◆ **EXERCISE OBJECTIVE**
All of the lines below need to be copied exactly, apart from the pictures.

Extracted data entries
..............................

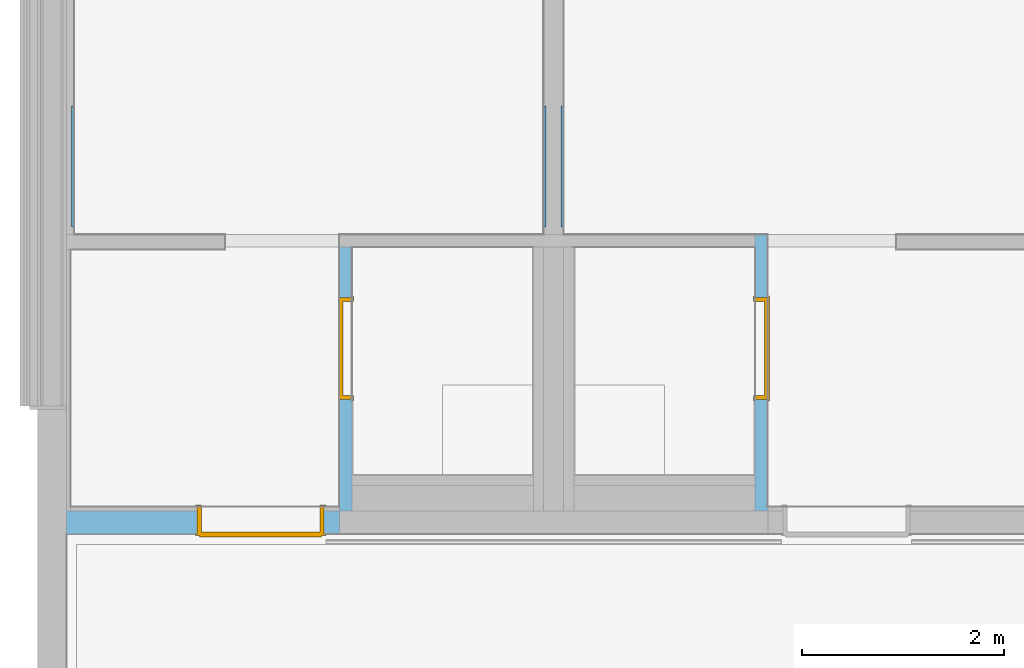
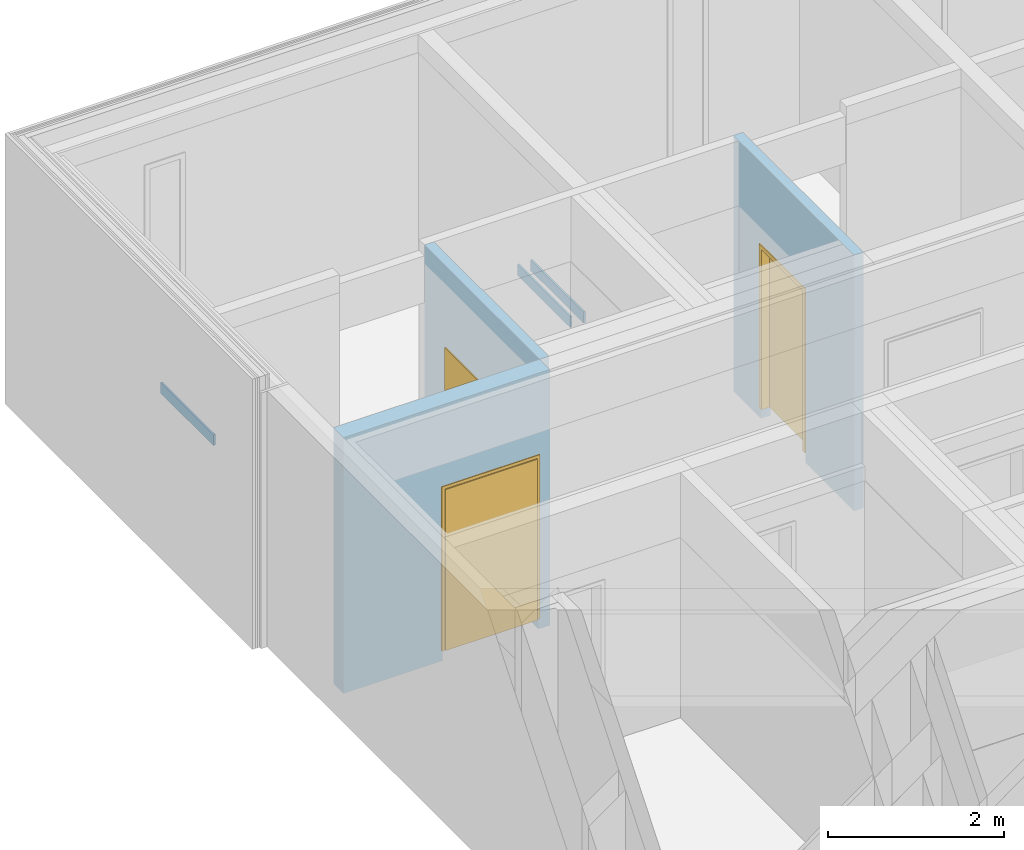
# One storey, part 99 of 222: 3 doors, 3 walls, 3 openings, plus 3 elements that do not belong to this part.
"""IFC4 building model written with IfcOpenShell, lengths in metres."""

from ifc_helpers import new_model, entity, si_unit, converted_unit, derived_unit, frame, frame_2d, origin, origin_with_axes, place, context, subcontext, project, spatial, polyline, rectangle, outline, extrude, faceted_brep, source, transform, mapped, material, type_object, element, fill, save


model = new_model("IFC4")

# Units and contexts
model_context = context("Model", 3, precision=1e-05, world=origin())
body_context = subcontext(model_context, "Body", "Model", "MODEL_VIEW")
ifc_project = project(units=[si_unit("LENGTHUNIT", "METRE"), si_unit("AREAUNIT", "SQUARE_METRE"), si_unit("VOLUMEUNIT", "CUBIC_METRE"), si_unit("MASSUNIT", "GRAM", prefix="KILO"), converted_unit("PLANEANGLEUNIT", "DEGREE", entity("IfcPlaneAngleMeasure", 0.0174532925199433), si_unit("PLANEANGLEUNIT", "RADIAN"), dimensions=[0, 0, 0, 0, 0, 0, 0]), derived_unit("THERMALTRANSMITTANCEUNIT", [(si_unit("POWERUNIT", "WATT"), 1), (si_unit("THERMODYNAMICTEMPERATUREUNIT", "KELVIN"), -1), (si_unit("LENGTHUNIT", "METRE"), -2)]), derived_unit("VOLUMETRICFLOWRATEUNIT", [(si_unit("LENGTHUNIT", "METRE"), 3), (converted_unit("TIMEUNIT", "hour", entity("IfcTimeMeasure", 3600.0), si_unit("TIMEUNIT", "SECOND"), dimensions=[0, 0, 1, 0, 0, 0, 0]), -1), (si_unit("LENGTHUNIT", "METRE"), -1)])], contexts=[model_context])

# Site, building, storey
site_placement = place(None, origin())
site = spatial("IfcSite", under=ifc_project, at=site_placement, Name="Psychiatrie Neubau Wunstorf", CompositionType="ELEMENT")
building_placement = place(site_placement, origin())
building = spatial("IfcBuilding", under=site, at=building_placement, Name="Neubau H2 Stationsgebäude", CompositionType="ELEMENT")
storey_placement = place(building_placement, frame((0.0, 0.0, 3.6)))
storey = spatial("IfcBuildingStorey", under=building, at=storey_placement, Name="H2 Ebene +1", CompositionType="ELEMENT", Elevation=3.6)

# Walls
wall_1_placement = place(storey_placement, frame((0.218999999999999, 27.1628367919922, 1.575)))
element("IfcWall", 1, at=wall_1_placement, inside=storey, Name="WV 1.1", context=body_context, shape_type="Brep", body=[
    faceted_brep([(0.025, 1.2, 0.0), (0.0, 1.2, 0.0), (0.0, 0.0, 0.0), (0.0250000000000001, 0.0, 0.0), (0.0, 1.2, 0.15), (0.025, 1.2, 0.15), (0.0250000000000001, 0.0, 0.15), (0.0, 0.0, 0.15)], [[[0, 1, 2, 3]], [[4, 5, 6, 7]], [[1, 0, 5, 4]], [[2, 1, 4, 7]], [[3, 2, 7, 6]], [[0, 3, 6, 5]]], orient=[[False], [False], [False], [False], [False], [False]]),
])
for number, where, name in (
    (2, (4.90000000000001, 27.1628367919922, 1.575), "WV 1.1"),
    (3, (5.07500000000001, 27.1628367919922, 1.575), "WV 1.1"),
):
    element("IfcWall", number, at=place(storey_placement, frame(where)), inside=storey, Name=name, context=body_context, shape_type="Brep", body=[
        faceted_brep([(0.025, 1.2, 0.0), (0.0, 1.2, 0.0), (0.0, 0.0, 0.0), (0.025, 0.0, 0.0), (0.0, 1.2, 0.15), (0.025, 1.2, 0.15), (0.025, 0.0, 0.15), (0.0, 0.0, 0.15)], [[[0, 1, 2, 3]], [[4, 5, 6, 7]], [[1, 0, 5, 4]], [[2, 1, 4, 7]], [[3, 2, 7, 6]], [[0, 3, 6, 5]]], orient=[[False], [False], [False], [False], [False], [False]]),
    ])

# Wall, opening, door
ifc_material_1 = material(Name="WI-HW 60")
wall_2_placement = place(storey_placement, frame((0.168999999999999, 24.1175, 0.0)))
wall_2 = element("IfcWall", 4, at=wall_2_placement, inside=storey, material=ifc_material_1, context=body_context, shape_type="SweptSolid", body=[
    extrude(rectangle(XDim=2.70600000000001, YDim=0.232, at=frame_2d((1.353, 0.116), x_axis=(1.0, 0.0))), origin_with_axes(), (0.0, 0.0, 1.0), 3.55),
])
opening_1_placement = place(wall_2_placement, frame((1.296, 0.0, 0.0), z_axis=(0.0, 1.0, 0.0), x_axis=(0.0, 0.0, 1.0)))
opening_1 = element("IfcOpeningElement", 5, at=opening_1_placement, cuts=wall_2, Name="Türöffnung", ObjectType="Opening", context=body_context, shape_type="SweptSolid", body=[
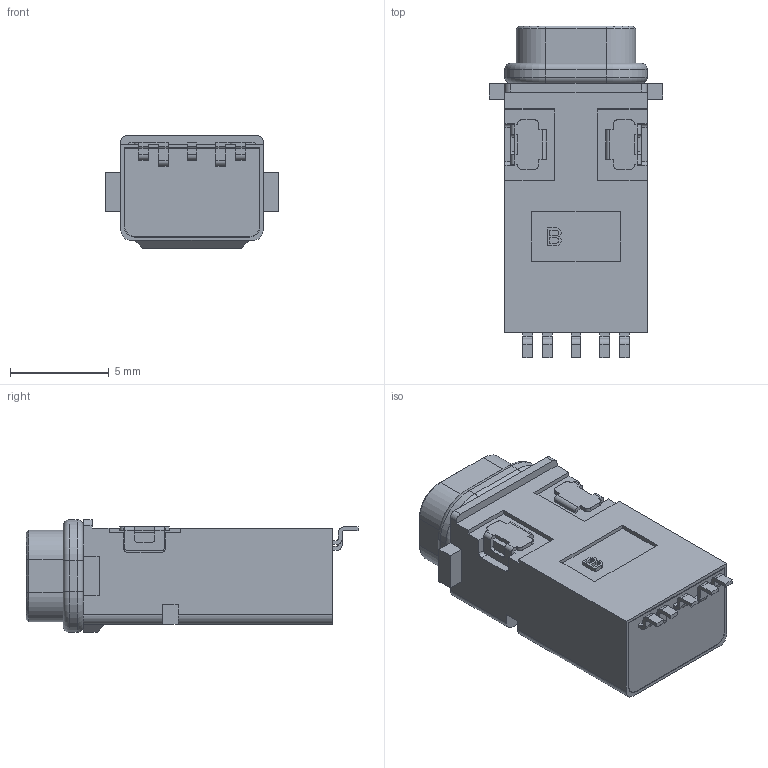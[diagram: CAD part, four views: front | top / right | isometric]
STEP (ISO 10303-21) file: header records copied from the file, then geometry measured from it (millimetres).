
FILE_DESCRIPTION((''),'2;1');
FILE_NAME('DM35A005-07SP','2026-06-28T',('WYH'),(''),'PRO/ENGINEER BY PARAMETRIC TECHNOLOGY CORPORATION, 2013040','PRO/ENGINEER BY PARAMETRIC TECHNOLOGY CORPORATION, 2013040','');
FILE_SCHEMA(('CONFIG_CONTROL_DESIGN'));
Length unit declared in the file: millimetre
Products named in the file (1): DM35A005-07SP
Bounding box: 8.8 x 16.8 x 5.7 mm (x, y, z)
Volume: 402.4 mm3; surface area: 831.5 mm2
Topology: 1 solids, 1 shells, 319 faces, 911 edges, 596 vertices
Faces by surface type: plane 223, cylinder 82, torus 8, cone 6
Entity records: 10401 total; most frequent: CARTESIAN_POINT 1882, ORIENTED_EDGE 1822, DIRECTION 1711, EDGE_CURVE 911, VECTOR 717, LINE 717, VERTEX_POINT 596, AXIS2_PLACEMENT_3D 497

..............................

◆ **REPLY TO THE EXERCISE**
# One storey, part 99 of 222: 3 doors, 3 walls, 3 openings, plus 3 elements that do not belong to this part.
"""IFC4 building model written with IfcOpenShell, lengths in metres."""

from ifc_helpers import new_model, entity, si_unit, converted_unit, derived_unit, frame, frame_2d, origin, origin_with_axes, place, context, subcontext, project, spatial, polyline, rectangle, outline, extrude, faceted_brep, source, transform, mapped, material, type_object, element, fill, save


model = new_model("IFC4")

# Units and contexts
model_context = context("Model", 3, precision=1e-05, world=origin())
body_context = subcontext(model_context, "Body", "Model", "MODEL_VIEW")
ifc_project = project(units=[si_unit("LENGTHUNIT", "METRE"), si_unit("AREAUNIT", "SQUARE_METRE"), si_unit("VOLUMEUNIT", "CUBIC_METRE"), si_unit("MASSUNIT", "GRAM", prefix="KILO"), converted_unit("PLANEANGLEUNIT", "DEGREE", entity("IfcPlaneAngleMeasure", 0.0174532925199433), si_unit("PLANEANGLEUNIT", "RADIAN"), dimensions=[0, 0, 0, 0, 0, 0, 0]), derived_unit("THERMALTRANSMITTANCEUNIT", [(si_unit("POWERUNIT", "WATT"), 1), (si_unit("THERMODYNAMICTEMPERATUREUNIT", "KELVIN"), -1), (si_unit("LENGTHUNIT", "METRE"), -2)]), derived_unit("VOLUMETRICFLOWRATEUNIT", [(si_unit("LENGTHUNIT", "METRE"), 3), (converted_unit("TIMEUNIT", "hour", entity("IfcTimeMeasure", 3600.0), si_unit("TIMEUNIT", "SECOND"), dimensions=[0, 0, 1, 0, 0, 0, 0]), -1), (si_unit("LENGTHUNIT", "METRE"), -1)])], contexts=[model_context])

# Site, building, storey
site_placement = place(None, origin())
site = spatial("IfcSite", under=ifc_project, at=site_placement, Name="Psychiatrie Neubau Wunstorf", CompositionType="ELEMENT")
building_placement = place(site_placement, origin())
building = spatial("IfcBuilding", under=site, at=building_placement, Name="Neubau H2 Stationsgebäude", CompositionType="ELEMENT")
storey_placement = place(building_placement, frame((0.0, 0.0, 3.6)))
storey = spatial("IfcBuildingStorey", under=building, at=storey_placement, Name="H2 Ebene +1", CompositionType="ELEMENT", Elevation=3.6)

# Walls
wall_1_placement = place(storey_placement, frame((0.218999999999999, 27.1628367919922, 1.575)))
element("IfcWall", 1, at=wall_1_placement, inside=storey, Name="WV 1.1", context=body_context, shape_type="Brep", body=[
    faceted_brep([(0.025, 1.2, 0.0), (0.0, 1.2, 0.0), (0.0, 0.0, 0.0), (0.0250000000000001, 0.0, 0.0), (0.0, 1.2, 0.15), (0.025, 1.2, 0.15), (0.0250000000000001, 0.0, 0.15), (0.0, 0.0, 0.15)], [[[0, 1, 2, 3]], [[4, 5, 6, 7]], [[1, 0, 5, 4]], [[2, 1, 4, 7]], [[3, 2, 7, 6]], [[0, 3, 6, 5]]], orient=[[False], [False], [False], [False], [False], [False]]),
])
for number, where, name in (
    (2, (4.90000000000001, 27.1628367919922, 1.575), "WV 1.1"),
    (3, (5.07500000000001, 27.1628367919922, 1.575), "WV 1.1"),
):
    element("IfcWall", number, at=place(storey_placement, frame(where)), inside=storey, Name=name, context=body_context, shape_type="Brep", body=[
        faceted_brep([(0.025, 1.2, 0.0), (0.0, 1.2, 0.0), (0.0, 0.0, 0.0), (0.025, 0.0, 0.0), (0.0, 1.2, 0.15), (0.025, 1.2, 0.15), (0.025, 0.0, 0.15), (0.0, 0.0, 0.15)], [[[0, 1, 2, 3]], [[4, 5, 6, 7]], [[1, 0, 5, 4]], [[2, 1, 4, 7]], [[3, 2, 7, 6]], [[0, 3, 6, 5]]], orient=[[False], [False], [False], [False], [False], [False]]),
    ])

# Wall, opening, door
ifc_material_1 = material(Name="WI-HW 60")
wall_2_placement = place(storey_placement, frame((0.168999999999999, 24.1175, 0.0)))
wall_2 = element("IfcWall", 4, at=wall_2_placement, inside=storey, material=ifc_material_1, context=body_context, shape_type="SweptSolid", body=[
    extrude(rectangle(XDim=2.70600000000001, YDim=0.232, at=frame_2d((1.353, 0.116), x_axis=(1.0, 0.0))), origin_with_axes(), (0.0, 0.0, 1.0), 3.55),
])
opening_1_placement = place(wall_2_placement, frame((1.296, 0.0, 0.0), z_axis=(0.0, 1.0, 0.0), x_axis=(0.0, 0.0, 1.0)))
opening_1 = element("IfcOpeningElement", 5, at=opening_1_placement, cuts=wall_2, Name="Türöffnung", ObjectType="Opening", context=body_context, shape_type="SweptSolid", body=[
[diagram: CAD part, four views: front | top / right | isometric]
STEP (ISO 10303-21) file: header records copied from the file, then geometry measured from it (millimetres).
FILE_DESCRIPTION((''),'2;1');
FILE_NAME('DM35A005-07SP','2026-06-28T',('WYH'),(''),'PRO/ENGINEER BY PARAMETRIC TECHNOLOGY CORPORATION, 2013040','PRO/ENGINEER BY PARAMETRIC TECHNOLOGY CORPORATION, 2013040','');
FILE_SCHEMA(('CONFIG_CONTROL_DESIGN'));
Length unit declared in the file: millimetre
Products named in the file (1): DM35A005-07SP
Bounding box: 8.8 x 16.8 x 5.7 mm (x, y, z)
Volume: 402.4 mm3; surface area: 831.5 mm2
Topology: 1 solids, 1 shells, 319 faces, 911 edges, 596 vertices
Faces by surface type: plane 223, cylinder 82, torus 8, cone 6
Entity records: 10401 total; most frequent: CARTESIAN_POINT 1882, ORIENTED_EDGE 1822, DIRECTION 1711, EDGE_CURVE 911, VECTOR 717, LINE 717, VERTEX_POINT 596, AXIS2_PLACEMENT_3D 497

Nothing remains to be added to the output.